How is EDA used in machine learning

How is EDA used in machine learning? As we mentioned, the exploratory data analysis approach does not impose deterministic or probabilistic models on the data. On the contrary; the EDA approach allows the data to suggest admissible models that best fit the data. For exploratory data analysis, the focus is on the data, its structure, outliers and models suggested by the data. Although there are other methods, exploratory data analysis is typically performed using the following methods.

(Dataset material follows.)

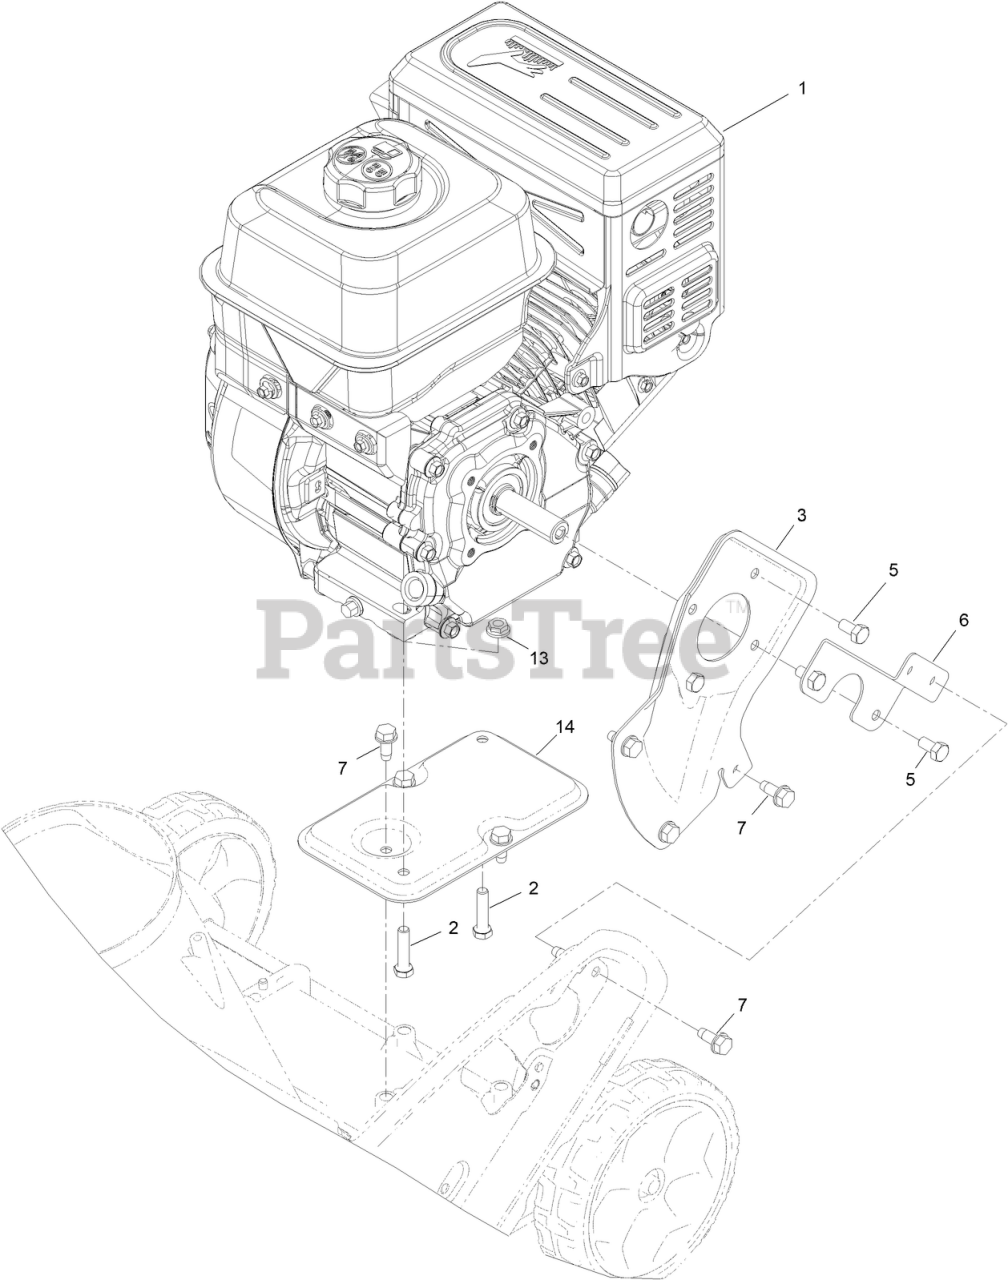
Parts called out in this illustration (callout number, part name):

Univariate analysis is the simplest form of analyzing data; "uni" means one, so in other words, your data has only one variable. It doesn't deal with causes or relationships, unlike regression, and its major purpose is to describe. It takes the data, it summarizes that data, and it finds patterns in the data. In this example, you see two types of univariate data, categorical and continuous. With the categorical feature type, you can perform numerical EDA using Pandas' crosstab function, and you can perform visual EDA using Seaborn's countplot function. With the continuous feature type, you can perform numerical EDA using Pandas' describe function, and you can visualize boxplots, distribution plots and kernel density estimation plots, or KDE plots in Python, using Matplotlib or using Seaborn. There are many EDA tools at your disposal, but that is beyond the scope of this lesson. In this univariate data example, there is just one feature; ocean proximity, with five categories. You can use Seaborn's countplot function to count the number of observations in each category. Our visualization is a simple bar chart.

Bivariate analysis means the analysis of bivariate data. It is one of the simplest forms of statistical analysis, and is used to find out if there is a relationship between two sets of values. It usually involves the variables X and Y. We can analyze bivariate data and multivariate data in Python, using Matplotlib or using Seaborn, and there are other tools as well. One of the most powerful features of Seaborn is the ability to easily build conditional plots. This lets us see what the data looks like when segmented by one or more variables. The easiest way to do this is through the factor plot method, which is used to draw a categorical plot up to a facet grid. Seaborn's jointplot function draws a plot of two variables with bivariate and univariate graphs. Seaborn's factorplot map method can map a factorplot onto a KDE, distribution or boxplot chart. A common plot of bivariate data is the simple line plot. In this example, we use Seaborn's regplot function to visualize a linear relationship between two sets of features. In this case, trip distance, our X label, and fair amount, our target, appear to have a linear relationship. Note that although the majority of the data tends to group together in a linear fashion, there are also outliers present as well.